Difficult to say without knowing your house atmospheric conditions. Do you know what the MC was when you got it? How do you know that most of wood is at 16%? 
I suppose the quick answer is that it will take a similar amount of time to get back to where it was. However I think you could start using it long before those 4 months have elapsed. 
You could take a small sample and determine the present MC by the weighing, heating, weighing method over a few days until there is no more weight loss. 
It would then be worth considering an initial cutting/planing exercise before bringing it in for a final drying/resting period. This would allow any movement to manifest itself before working it to it's final dimensions. 
Brian


----------



## Sgian Dubh (15 Dec 2020)

Interestingly, because of the phenomenon hysteresis, wood adsorbs moisture quicker than it loses it. However, that's not particularly important, but knowing the current moisture content is. As Brian says, you can test for this using the oven drying method, in this case using a microwave. Alternatively, a decent moisture meter should be able to give you reasonably accurate figure to work around. If you're wanting to use this wood for indoor furniture it would certainly be better to be drier, and about 13% MC and below would be okay.
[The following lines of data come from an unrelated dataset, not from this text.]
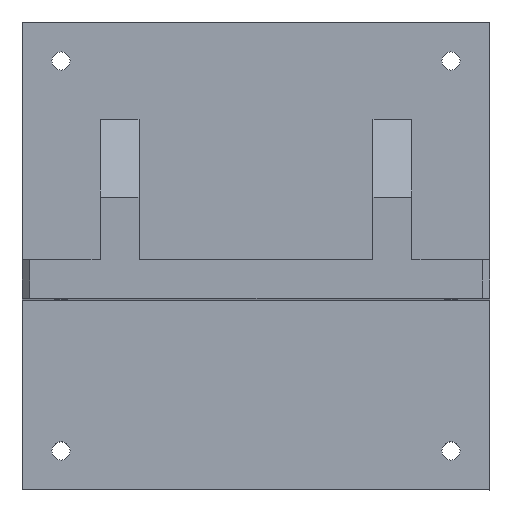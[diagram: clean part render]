
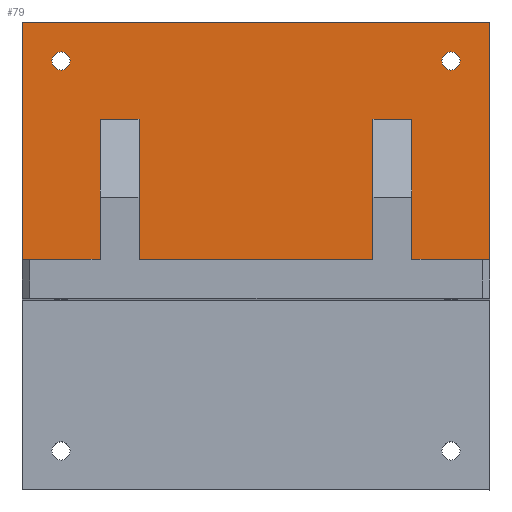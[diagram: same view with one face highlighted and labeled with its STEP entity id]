
A CAD part, top view. The second image highlights one B-rep face of the part: STEP entity #79.
In plain terms, the highlighted planar face has unit normal (0, 0, 1).
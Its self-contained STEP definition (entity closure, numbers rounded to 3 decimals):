
#79 = ADVANCED_FACE( '', ( #145, #146, #147 ), #148, .T. );
#145 = FACE_BOUND( '', #279, .T. );
#146 = FACE_BOUND( '', #280, .T. );
#147 = FACE_OUTER_BOUND( '', #281, .T. );
#148 = PLANE( '', #282 );
#279 = EDGE_LOOP( '', ( #440 ) );
#280 = EDGE_LOOP( '', ( #441 ) );
#281 = EDGE_LOOP( '', ( #442, #443, #444, #445, #446, #447, #448, #449, #450, #451, #452, #453 ) );
#282 = AXIS2_PLACEMENT_3D( '', #454, #455, #456 );
#440 = ORIENTED_EDGE( '', *, *, #737, .T. );
#441 = ORIENTED_EDGE( '', *, *, #738, .T. );
#442 = ORIENTED_EDGE( '', *, *, #729, .F. );
#443 = ORIENTED_EDGE( '', *, *, #697, .T. );
#444 = ORIENTED_EDGE( '', *, *, #739, .F. );
#445 = ORIENTED_EDGE( '', *, *, #740, .T. );
#446 = ORIENTED_EDGE( '', *, *, #741, .T. );
#447 = ORIENTED_EDGE( '', *, *, #742, .T. );
#448 = ORIENTED_EDGE( '', *, *, #743, .F. );
#449 = ORIENTED_EDGE( '', *, *, #744, .T. );
#450 = ORIENTED_EDGE( '', *, *, #745, .T. );
#451 = ORIENTED_EDGE( '', *, *, #746, .T. );
#452 = ORIENTED_EDGE( '', *, *, #747, .F. );
#453 = ORIENTED_EDGE( '', *, *, #734, .F. );
#454 = CARTESIAN_POINT( '', ( 0., 0., 15. ) );
#455 = DIRECTION( '', ( 0., 0., 1. ) );
#456 = DIRECTION( '', ( 0., -1., 0. ) );
#697 = EDGE_CURVE( '', #795, #792, #796, .T. );
#729 = EDGE_CURVE( '', #795, #857, #858, .T. );
#734 = EDGE_CURVE( '', #857, #866, #867, .T. );
#737 = EDGE_CURVE( '', #871, #871, #872, .T. );
#738 = EDGE_CURVE( '', #873, #873, #874, .T. );
#739 = EDGE_CURVE( '', #875, #792, #876, .T. );
#740 = EDGE_CURVE( '', #875, #877, #878, .T. );
#741 = EDGE_CURVE( '', #877, #879, #880, .T. );
#742 = EDGE_CURVE( '', #879, #881, #882, .T. );
#743 = EDGE_CURVE( '', #883, #881, #884, .T. );
#744 = EDGE_CURVE( '', #883, #885, #886, .T. );
#745 = EDGE_CURVE( '', #885, #887, #888, .T. );
#746 = EDGE_CURVE( '', #887, #889, #890, .T. );
#747 = EDGE_CURVE( '', #866, #889, #891, .T. );
#792 = VERTEX_POINT( '', #964 );
#795 = VERTEX_POINT( '', #968 );
#796 = LINE( '', #969, #970 );
#857 = VERTEX_POINT( '', #1041 );
#858 = LINE( '', #1042, #1043 );
#866 = VERTEX_POINT( '', #1055 );
#867 = LINE( '', #1056, #1057 );
#871 = VERTEX_POINT( '', #1063 );
#872 = CIRCLE( '', #1064, 3.5 );
#873 = VERTEX_POINT( '', #1065 );
#874 = CIRCLE( '', #1066, 3.5 );
#875 = VERTEX_POINT( '', #1067 );
#876 = LINE( '', #1068, #1069 );
#877 = VERTEX_POINT( '', #1070 );
#878 = LINE( '', #1071, #1072 );
#879 = VERTEX_POINT( '', #1073 );
#880 = LINE( '', #1074, #1075 );
#881 = VERTEX_POINT( '', #1076 );
#882 = LINE( '', #1077, #1078 );
#883 = VERTEX_POINT( '', #1079 );
#884 = LINE( '', #1080, #1081 );
#885 = VERTEX_POINT( '', #1082 );
#886 = LINE( '', #1083, #1084 );
#887 = VERTEX_POINT( '', #1085 );
#888 = LINE( '', #1086, #1087 );
#889 = VERTEX_POINT( '', #1088 );
#890 = LINE( '', #1089, #1090 );
#891 = LINE( '', #1091, #1092 );
#964 = CARTESIAN_POINT( '', ( -60., -2., 15. ) );
#968 = CARTESIAN_POINT( '', ( -90., -2., 15. ) );
#969 = CARTESIAN_POINT( '', ( 0., -2., 15. ) );
#970 = VECTOR( '', #1197, 1000. );
#1041 = CARTESIAN_POINT( '', ( -90., 90., 15. ) );
#1042 = CARTESIAN_POINT( '', ( -90., 0., 15. ) );
#1043 = VECTOR( '', #1271, 1000. );
#1055 = CARTESIAN_POINT( '', ( 90., 90., 15. ) );
#1056 = CARTESIAN_POINT( '', ( 0., 90., 15. ) );
#1057 = VECTOR( '', #1276, 1000. );
#1063 = CARTESIAN_POINT( '', ( -75., 78.5, 15. ) );
#1064 = AXIS2_PLACEMENT_3D( '', #1279, #1280, #1281 );
#1065 = CARTESIAN_POINT( '', ( 75., 78.5, 15. ) );
#1066 = AXIS2_PLACEMENT_3D( '', #1282, #1283, #1284 );
#1067 = CARTESIAN_POINT( '', ( -60., 52., 15. ) );
#1068 = CARTESIAN_POINT( '', ( -60., 52., 15. ) );
#1069 = VECTOR( '', #1285, 1000. );
#1070 = CARTESIAN_POINT( '', ( -45., 52., 15. ) );
#1071 = CARTESIAN_POINT( '', ( -52.5, 52., 15. ) );
#1072 = VECTOR( '', #1286, 1000. );
#1073 = CARTESIAN_POINT( '', ( -45., -2., 15. ) );
#1074 = CARTESIAN_POINT( '', ( -45., 52., 15. ) );
#1075 = VECTOR( '', #1287, 1000. );
#1076 = CARTESIAN_POINT( '', ( 45., -2., 15. ) );
#1077 = CARTESIAN_POINT( '', ( 0., -2., 15. ) );
#1078 = VECTOR( '', #1288, 1000. );
#1079 = CARTESIAN_POINT( '', ( 45., 52., 15. ) );
#1080 = CARTESIAN_POINT( '', ( 45., 52., 15. ) );
#1081 = VECTOR( '', #1289, 1000. );
#1082 = CARTESIAN_POINT( '', ( 60., 52., 15. ) );
#1083 = CARTESIAN_POINT( '', ( 52.5, 52., 15. ) );
#1084 = VECTOR( '', #1290, 1000. );
#1085 = CARTESIAN_POINT( '', ( 60., -2., 15. ) );
#1086 = CARTESIAN_POINT( '', ( 60., 52., 15. ) );
#1087 = VECTOR( '', #1291, 1000. );
#1088 = CARTESIAN_POINT( '', ( 90., -2., 15. ) );
#1089 = CARTESIAN_POINT( '', ( 0., -2., 15. ) );
#1090 = VECTOR( '', #1292, 1000. );
#1091 = CARTESIAN_POINT( '', ( 90., 0., 15. ) );
#1092 = VECTOR( '', #1293, 1000. );
#1197 = DIRECTION( '', ( 1., 0., 0. ) );
#1271 = DIRECTION( '', ( 0., 1., 0. ) );
#1276 = DIRECTION( '', ( 1., 0., 0. ) );
#1279 = CARTESIAN_POINT( '', ( -75., 75., 15. ) );
#1280 = DIRECTION( '', ( 0., 0., -1. ) );
#1281 = DIRECTION( '', ( 0., 1., 0. ) );
#1282 = CARTESIAN_POINT( '', ( 75., 75., 15. ) );
#1283 = DIRECTION( '', ( 0., 0., -1. ) );
#1284 = DIRECTION( '', ( 0., 1., 0. ) );
#1285 = DIRECTION( '', ( 0., -1., 0. ) );
#1286 = DIRECTION( '', ( 1., 0., 0. ) );
#1287 = DIRECTION( '', ( 0., -1., 0. ) );
#1288 = DIRECTION( '', ( 1., 0., 0. ) );
#1289 = DIRECTION( '', ( 0., -1., 0. ) );
#1290 = DIRECTION( '', ( 1., 0., 0. ) );
#1291 = DIRECTION( '', ( 0., -1., 0. ) );
#1292 = DIRECTION( '', ( 1., 0., 0. ) );
#1293 = DIRECTION( '', ( 0., -1., 0. ) );

Keeping the wood stickered up in relative humidity (RH) conditions averaging 50% for three or four weeks should bring it down from about 16% MC to 13% MC and below. An average 50% RH condition will eventually result in all wood species settling out at somewhere between about 9.5 - 10.5% MC. Any wood at approximately 20% MC and below is primarily affected by RH conditions to increase or decrease moisture content rather than air movement to remove moisture. 

As to how much your wood will gain moisture if left in your workshop is almost certainly impossible for any of us to assess because we don't have a good knowledge of your workshop's conditions, its structure, insulation, and so on. You could buy a relatively inexpensive hygrometer and place it somewhere in your workshop so that you can monitor atmospheric RH, and knowing that would allow you to assess likely MC of your wood. And dead or close stacking of your wood vastly reduces the speed at which wood adsorbs or desorbs moisture.

It's a fairly complex subject that could take a few pages of text and charts, etc, to give you a pretty substantial understanding of all the mechanisms that affect wood MC, ha, ha. Slainte.


----------



## profchris (15 Dec 2020)

Any wood which has been in that workshop for months will be at a similar MC to the other wood there.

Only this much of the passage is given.